I wondered what happened to him.



Eugene Jarvis left Midway about eight years ago and started Raw Thrills (http://www.rawthrills.com).

Eugene wasn't the host mentioned in the story, since he didn't work on design for Black Knight or High Speed (he does have a sound credit on HS, though). You're thinking of the other Vid Kid, Larry DeMar.


And I think the article takes a bit of a wide berth with the term "designer". Steve Ritchie actually designed those machines, Larry DeMar did the software for them.

As other posters have pointed out, innovation really did not stop in 1992. Pinball 2000 was actually a success, but Williams decided to pull the plug despite that. The Pinball 2000 platform was quite revolutionary - from how the player played the game, to how the game was designed, maintained, and even upgraded.

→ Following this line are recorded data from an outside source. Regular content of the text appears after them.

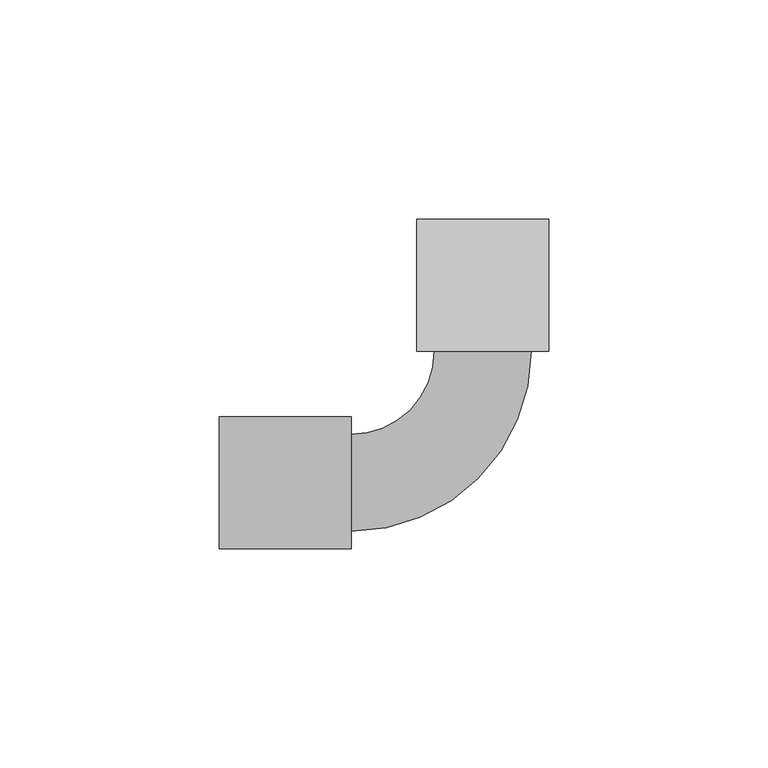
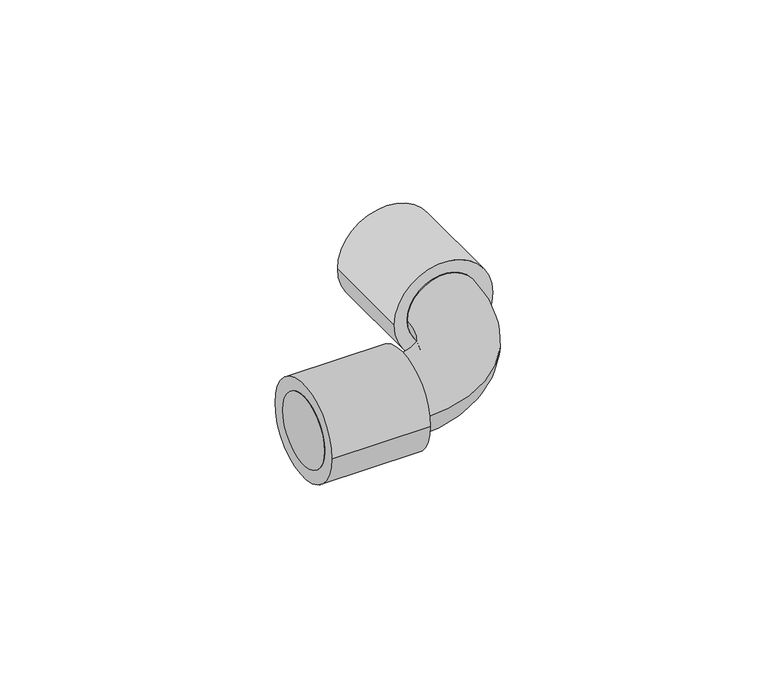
"""IFC4 building model written with IfcOpenShell, lengths in millimetres: cable carrier fitting geometry, Поворот на 90 труба-труба IP65 CS : Поворот на 90 труба-труба IP65 CS."""

from ifc_helpers import new_model, si_unit, point, frame, origin, origin_2d, place, context, project, spatial, circle_curve, ellipse_curve, trimmed, segment, composite_curve, outline, extrude, source, transform, mapped, element, save
from ifc_brep_helpers import plane_surface, cylinder_surface, revolved_surface, advanced_brep


def cable_carrier_fitting_f314b148(model_context):
    return source(origin(), model_context, "Body", "SolidModel", [
        advanced_brep(
        [(-60.0, -11.0, 0.0), (-60.0, 11.0, 0.0), (-30.0, -11.0, 0.0), (-30.0, 11.0, 0.0), (-11.0, 30.0, 0.0), (11.0, 30.0, 0.0), (11.0, 60.0, 0.0), (-11.0, 60.0, 0.0)],
        [
            (0, 1, circle_curve(frame((-60.0, 0.0, 0.0), z_axis=(-1.0, 0.0, 0.0), x_axis=(0.0, 1.0, 0.0)), 11.0)),
            (1, 0, circle_curve(frame((-60.0, 0.0, 0.0), z_axis=(-1.0, 0.0, 0.0), x_axis=(0.0, 1.0, 0.0)), 11.0)),
            (0, 2),
            (2, 3, circle_curve(frame((-30.0, 0.0, 0.0), z_axis=(-1.0, 0.0, 0.0), x_axis=(0.0, 1.0, 0.0)), 11.0)),
            (3, 1),
            (3, 2, circle_curve(frame((-30.0, 0.0, 0.0), z_axis=(-1.0, 0.0, 0.0), x_axis=(0.0, 1.0, 0.0)), 11.0)),
            (4, 3, circle_curve(frame((-30.0, 30.0, 0.0), z_axis=(0.0, 0.0, -1.0), x_axis=(0.0, -1.0, 0.0)), 19.0)),
            (2, 5, circle_curve(frame((-30.0, 30.0, 0.0), z_axis=(0.0, 0.0, 1.0), x_axis=(0.0, -1.0, 0.0)), 41.0)),
            (5, 4, circle_curve(frame((0.0, 30.0, 0.0), z_axis=(0.0, -1.0, 0.0), x_axis=(-1.0, 0.0, 0.0)), 11.0)),
            (4, 5, circle_curve(frame((0.0, 30.0, 0.0), z_axis=(0.0, -1.0, 0.0), x_axis=(-1.0, 0.0, 0.0)), 11.0)),
            (6, 7, circle_curve(frame((0.0, 60.0, 0.0), z_axis=(0.0, 1.0, 0.0), x_axis=(-1.0, 0.0, 0.0)), 11.0)),
            (7, 6, circle_curve(frame((0.0, 60.0, 0.0), z_axis=(0.0, 1.0, 0.0), x_axis=(-1.0, 0.0, 0.0)), 11.0)),
            (5, 6),
            (7, 4),
        ],
        [
            plane_surface(frame((-60.0, 0.0, 0.0), z_axis=(-1.0, 0.0, 0.0), x_axis=(0.0, 0.0, 1.0))),
            cylinder_surface(frame((-60.0, 0.0, 0.0), z_axis=(-1.0, 0.0, 0.0), x_axis=(0.0, 1.0, 0.0)), 11.0),
            revolved_surface(trimmed(ellipse_curve(frame((-30.0, 0.0, 0.0), z_axis=(-1.0, 0.0, 0.0), x_axis=(0.0, 1.0, 0.0)), 11.0, 11.0), [point((-30.0, -11.0, 0.0))], [point((-30.0, 11.0, 0.0))], True, "CARTESIAN"), (-30.0, 30.0, 0.0), (0.0, 0.0, 1.0)),
            revolved_surface(trimmed(ellipse_curve(frame((-30.0, 0.0, 0.0), z_axis=(-1.0, 0.0, 0.0), x_axis=(0.0, 1.0, 0.0)), 11.0, 11.0), [point((-30.0, 11.0, 0.0))], [point((-30.0, -11.0, 0.0))], True, "CARTESIAN"), (-30.0, 30.0, 0.0), (0.0, 0.0, 1.0)),
            plane_surface(frame((0.0, 60.0, 0.0), z_axis=(0.0, 1.0, 0.0), x_axis=(0.0, 0.0, 1.0))),
            cylinder_surface(frame((0.0, 30.0, 0.0), z_axis=(0.0, -1.0, 0.0), x_axis=(-1.0, 0.0, 0.0)), 11.0),
        ],
        [
            (0, [[1, 2]]),
            (1, [[-1, 3, 4, 5]]),
            (1, [[-2, -5, 6, -3]]),
            (2, [[7, -4, 8, 9]]),
            (3, [[-8, -6, -7, 10]]),
            (4, [[11, 12]]),
            (5, [[-9, 13, -12, 14]]),
            (5, [[-10, -14, -11, -13]]),
        ],
    ),
        extrude(outline(composite_curve([segment(trimmed(circle_curve(origin_2d(), 15.0), [point((-15.0, 0.0))], [point((15.0, 0.0))], False, "CARTESIAN"), True, "CONTINUOUS"), segment(trimmed(circle_curve(origin_2d(), 15.0), [point((15.0, 0.0))], [point((-15.0, 0.0))], False, "CARTESIAN"), True, "CONTINUOUS")], self_intersect=False)), frame((-60.0, 0.0, 0.0), z_axis=(1.0, 0.0, 0.0), x_axis=(0.0, 1.0, 0.0)), (0.0, 0.0, 1.0), 30.0),
        extrude(outline(composite_curve([segment(trimmed(circle_curve(origin_2d(), 15.0), [point((0.0, 15.0))], [point((0.0, -15.0))], False, "CARTESIAN"), True, "CONTINUOUS"), segment(trimmed(circle_curve(origin_2d(), 15.0), [point((0.0, -15.0))], [point((0.0, 15.0))], False, "CARTESIAN"), True, "CONTINUOUS")], self_intersect=False)), frame((0.0, 30.0, 0.0), z_axis=(0.0, 1.0, 0.0), x_axis=(0.0, 0.0, 1.0)), (0.0, 0.0, 1.0), 30.0),
    ])


if __name__ == "__main__":
    model = new_model("IFC4")
    model_context = context("Model", 3, world=origin())
    ifc_project = project(units=[si_unit("LENGTHUNIT", "METRE", prefix="MILLI")], contexts=[model_context])
    site = spatial("IfcSite", under=ifc_project)
    building = spatial("IfcBuilding", under=site)
    placement = place(None, origin())
    cable_carrier_fitting_shape = cable_carrier_fitting_f314b148(model_context)
    element("IfcCableCarrierFitting", 1, ObjectType="Поворот на 90 труба-труба IP65 CS : Поворот на 90 труба-труба IP65 CS", at=placement, inside=building, context=model_context, shape_type="MappedRepresentation", body=[
        mapped(cable_carrier_fitting_shape, transform((0.0, 0.0, 0.0), x_axis=(1.0, 0.0, 0.0), y_axis=(0.0, 1.0, 0.0), z_axis=(0.0, 0.0, 1.0))),
    ])
    save(model, "model.ifc")
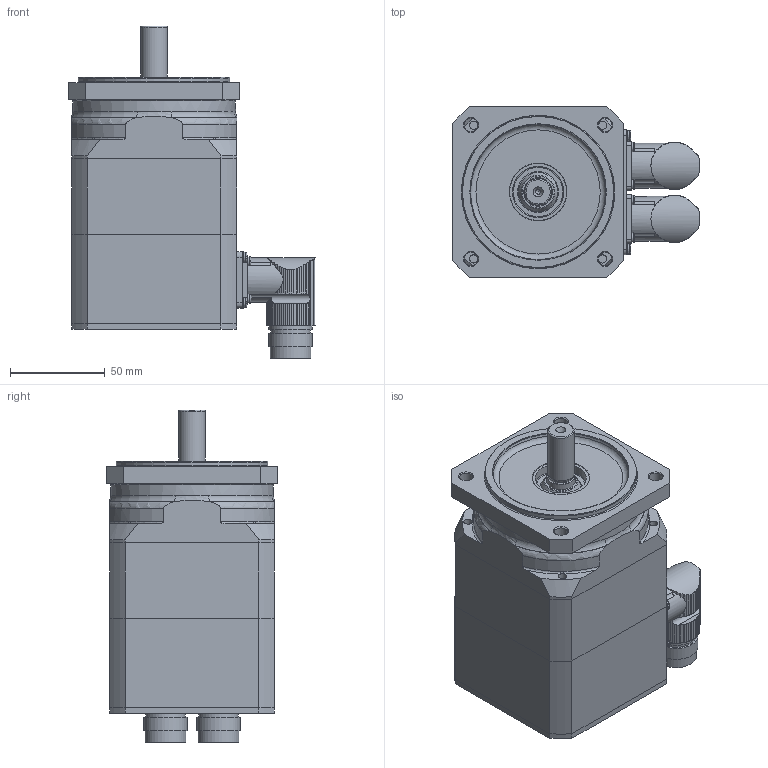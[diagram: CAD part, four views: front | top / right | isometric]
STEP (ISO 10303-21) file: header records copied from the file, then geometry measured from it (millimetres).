
FILE_DESCRIPTION(/* description */ (''),/* implementation_level */ '2;1');
FILE_NAME(/* name */ 'MR 7432-Ux-Nxxx-G01-A0D-M0',/* time_stamp */ '2007-07-13T09:50:00+01:00',/* author */ (''),/* organization */ ('ESR Pollmeier GmbH'),/* preprocessor_version */ 'ST-DEVELOPER v8',/* originating_system */ 'UNIGRAPHICS SOLUTIONS - UNIGRAPHICS 18.0',/* authorisation */ '');
FILE_SCHEMA (('AUTOMOTIVE_DESIGN { 1 2 10303 214 0 1 1 1 }'));
Length unit declared in the file: millimetre
Products named in the file (14): Gehaeuse_SY3_40_0; Rotor_SY3_0; 113036_0; DIN3760_org_A15x30x7_0; iso2009-m3x8_A; iso1580-m2.5x6_A; iso1580-m3x10_A; din128-3_A; 014257_0; 014250_0; 064205Z_0; 113035_0; 064233_0; MR7432-Ux-Nxxx-G01-A0D-M0_0
Assembly tree (26 placements, depth 2):
  MR7432-Ux-Nxxx-G01-A0D-M0_0
    064233_0
    113035_0
    064205Z_0
    014250_0
    014257_0
    din128-3_A
    iso1580-m3x10_A  x4
    iso1580-m2.5x6_A  x8
    iso2009-m3x8_A  x4
    DIN3760_org_A15x30x7_0
    113036_0
    Rotor_SY3_0
    Gehaeuse_SY3_40_0
Bounding box: 129.99 x 90 x 175.15 mm (x, y, z)
Volume: 442408.3 mm3; surface area: 168917 mm2
Topology: 26 solids, 26 shells, 922 faces, 2433 edges, 1593 vertices
Faces by surface type: cylinder 505, plane 257, cone 81, torus 51, sphere 20, bspline 8
Full cylindrical faces by diameter (mm): 1 x16, 1.948 x8, 2 x4, 2.135 x8, 2.387 x4, 2.459 x8, 2.5 x9, 2.7 x8, 3 x8, 3.432 x3, 3.5 x11, 4.351 x4, 5.5 x4, 6 x4, 6.5 x3, 7 x4, 10 x5, 13.52 x1, 14 x1, 15 x2, 15.3 x1, 18 x4, 20 x6, 21 x2, 21.5 x2, 23 x5, 27 x2, 29 x1, 30 x2, 32 x1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
Entity records: 24140 total; most frequent: CARTESIAN_POINT 5782, DIRECTION 3756, ORIENTED_EDGE 3454, EDGE_CURVE 1727, AXIS2_PLACEMENT_3D 1603, VERTEX_POINT 1252, EDGE_LOOP 1128, CIRCLE 818
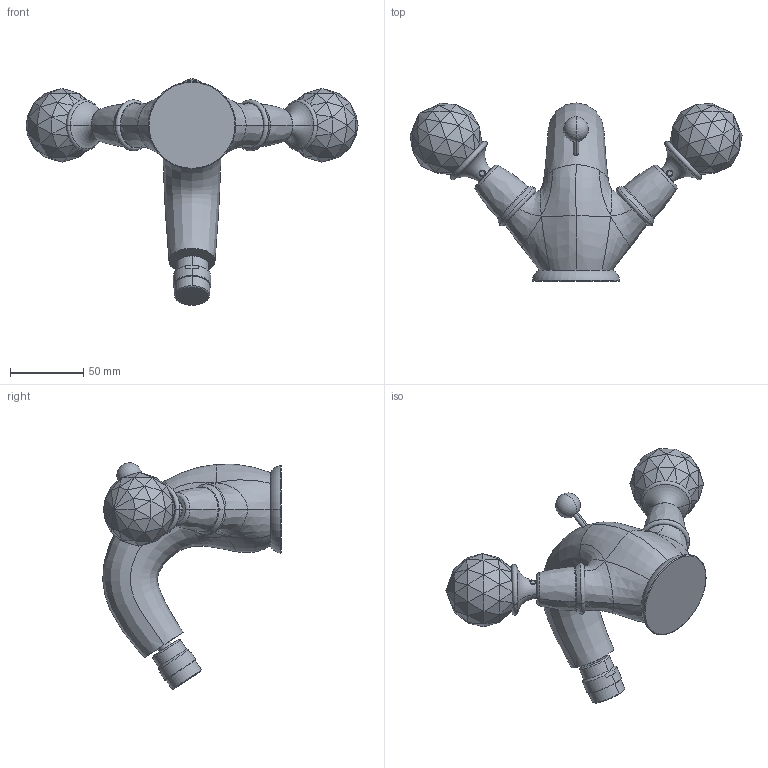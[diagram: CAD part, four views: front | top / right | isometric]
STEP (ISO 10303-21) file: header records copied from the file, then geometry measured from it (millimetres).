
FILE_DESCRIPTION((''),'2;1');
FILE_NAME('F5092_2C_FILE_3D','2013-07-18T',('ivanv'),(''),'PRO/ENGINEER BY PARAMETRIC TECHNOLOGY CORPORATION, 2012130','PRO/ENGINEER BY PARAMETRIC TECHNOLOGY CORPORATION, 2012130','');
FILE_SCHEMA(('CONFIG_CONTROL_DESIGN'));
Length unit declared in the file: millimetre
Products named in the file (1): F5092_2C_FILE_3D
Bounding box: 226.35 x 121.59 x 154.39 mm (x, y, z)
Volume: 501193.8 mm3; surface area: 61992.5 mm2
Topology: 3 solids, 4 shells, 375 faces, 675 edges, 317 vertices
Faces by surface type: plane 264, bspline 34, cylinder 29, torus 28, cone 18, sphere 2
Entity records: 14488 total; most frequent: CARTESIAN_POINT 7547, DIRECTION 1432, ORIENTED_EDGE 1346, EDGE_CURVE 673, AXIS2_PLACEMENT_3D 498, VECTOR 436, LINE 436, EDGE_LOOP 386
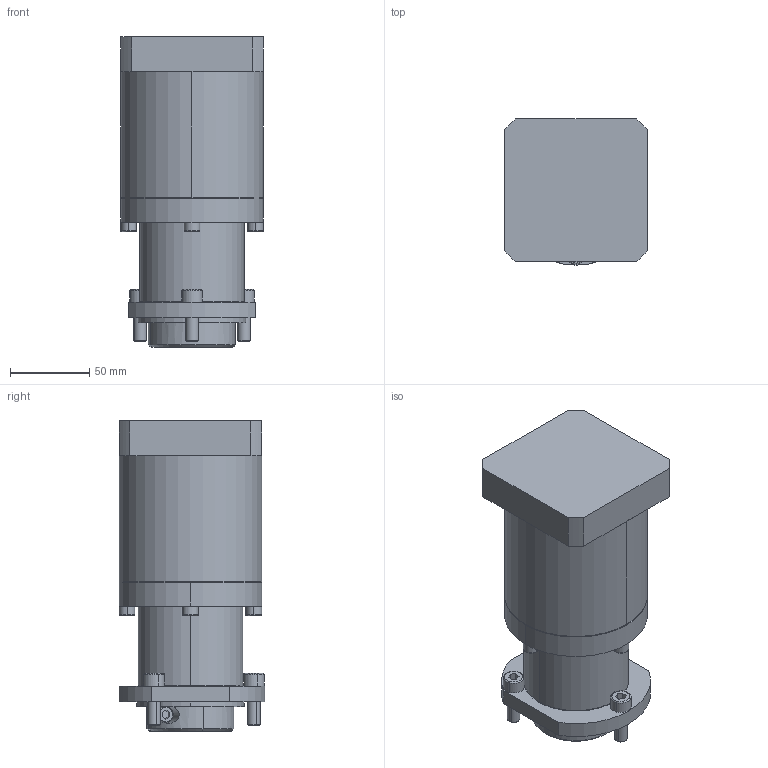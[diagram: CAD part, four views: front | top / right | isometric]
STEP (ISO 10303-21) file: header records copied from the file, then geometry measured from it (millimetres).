
FILE_DESCRIPTION (( 'STEP AP203' ), '1' );
FILE_NAME ('MAF090_MKU090_1_MPG90.STEP', '2013-09-30T13:42:16', ( 'Install' ), ( '' ), 'SwSTEP 2.0', 'SolidWorks 2013', '' );
FILE_SCHEMA (( 'CONFIG_CONTROL_DESIGN' ));
Length unit declared in the file: millimetre
Products named in the file (1): MAF090_MKU090_1_MPG90
Bounding box: 90 x 92 x 196 mm (x, y, z)
Volume: 982589.2 mm3; surface area: 152750.7 mm2
Topology: 15 solids, 18 shells, 571 faces, 1352 edges, 836 vertices
Faces by surface type: cylinder 241, plane 178, cone 104, torus 40, bspline 8
Entity records: 17164 total; most frequent: CARTESIAN_POINT 3697, DIRECTION 3015, ORIENTED_EDGE 2646, EDGE_CURVE 1323, AXIS2_PLACEMENT_3D 1230, VERTEX_POINT 836, CIRCLE 666, EDGE_LOOP 649
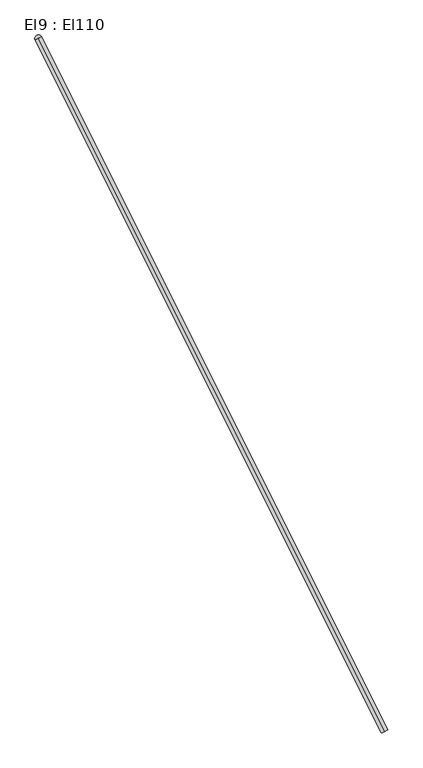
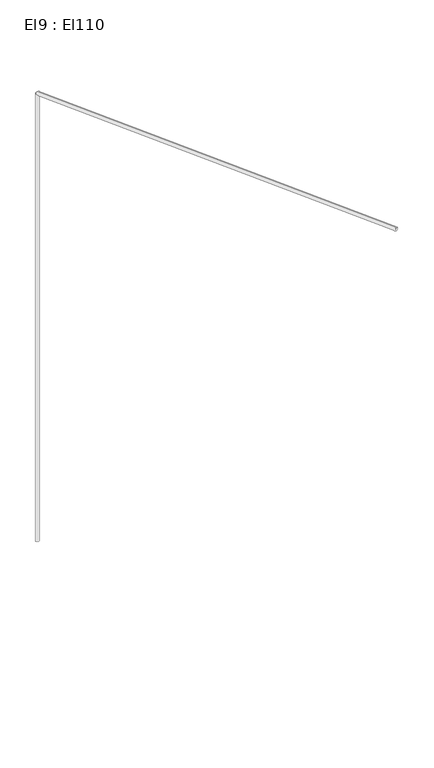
"""IFC4 building model written with IfcOpenShell, lengths in millimetres: cable carrier segment geometry, El9 : El110."""

from ifc_helpers import new_model, si_unit, point, frame, frame_2d, origin, place, context, project, spatial, circle_curve, trimmed, segment, composite_curve, outline, extrude, source, transform, mapped, element, save


def el9_el110_13ecc65c(model_context):
    return source(origin(), model_context, "Body", "SweptSolid", [
        extrude(outline(composite_curve([segment(trimmed(circle_curve(frame_2d((0.0, -9.5)), 9.5), [point((0.0, -19.0))], [point((0.0, 0.0))], False, "CARTESIAN"), True, "CONTINUOUS"), segment(trimmed(circle_curve(frame_2d((0.0, -9.5)), 9.5), [point((0.0, 0.0))], [point((0.0, -19.0))], False, "CARTESIAN"), True, "CONTINUOUS")], self_intersect=False)), frame((28718.9190645, 8211.9846681, 4459.5), z_axis=(-0.44743918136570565, 0.8943143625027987, 0.0), x_axis=(-0.8943143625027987, -0.44743918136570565, 0.0)), (0.0, 0.0, 1.0), 2066.17),
        extrude(outline(composite_curve([segment(trimmed(circle_curve(frame_2d((27794.4336511, 10059.7901745)), 9.5), [point((27784.9336511, 10059.7901745))], [point((27803.9336511, 10059.7901745))], False, "CARTESIAN"), True, "CONTINUOUS"), segment(trimmed(circle_curve(frame_2d((27794.4336511, 10059.7901745)), 9.5), [point((27803.9336511, 10059.7901745))], [point((27784.9336511, 10059.7901745))], False, "CARTESIAN"), True, "CONTINUOUS")], self_intersect=False)), frame((0.0, 0.0, 1830.0), z_axis=(0.0, 0.0, 1.0), x_axis=(1.0, 0.0, 0.0)), (0.0, 0.0, 1.0), 2620.0),
    ])


if __name__ == "__main__":
    model = new_model("IFC4")
    model_context = context("Model", 3, world=origin())
    ifc_project = project(units=[si_unit("LENGTHUNIT", "METRE", prefix="MILLI")], contexts=[model_context])
    site = spatial("IfcSite", under=ifc_project)
    building = spatial("IfcBuilding", under=site)
    placement = place(None, origin())
    el9_el110_shape = el9_el110_13ecc65c(model_context)
    element("IfcCableCarrierSegment", 1, ObjectType="El9 : El110", at=placement, inside=building, context=model_context, shape_type="MappedRepresentation", body=[
        mapped(el9_el110_shape, transform((0.0, 0.0, 0.0), x_axis=(1.0, 0.0, 0.0), y_axis=(0.0, 1.0, 0.0), z_axis=(0.0, 0.0, 1.0))),
    ])
    save(model, "model.ifc")

I don't think free play really had anything but an ancillary role in the decline of the hobby. It was likely the rise of video games, and specifically home consoles, that really hurt pinball. People played video games at home, and then played newer/better games in the arcade. Due to the cost a pinball machine in the home is a rarity to this day, and so the exposure it received was never the same. Kids learned Mario and Nintendo, they didn't learn the silver ball and flippers.

Along the lines of the article, the most "interesting" idea I heard in pinball circles was that clear coating playfields was a harbinger of doom. Williams started doing this and called it "Diamond Plate". It was designed to reduce the need for mylar to protect the playfield.

The premise is that the idea worked TOO well. Playfields on the machines could look like new forever. A machine's lifetime was extended, the impetus to replace the machine was lowered, and sales suffered.


As someone that worked with Mr. DeMar at Williams, I can honestly say that he was a "designer" in every sense of the word. He was an essential part of every design team, and a lot of times took a boring playfield and turned it into a highly entertaining game. It's really not fair to diminish the role of a programmer in these games.

You see, High Speed represented an inflection point in pinball history where the software became the star of the game, not the playfield geometry. The game told a story instead of just being a noisy point accumulator like previous solid-state games. All that choreography with lights, music, display animation, etc was a huge part of High Speed's success.

The rest of the points you make are very accurate. The article gives a very interesting history of auto-replay percentaging and match tricks, but that had very little to do with the demise of pinball in the last decade.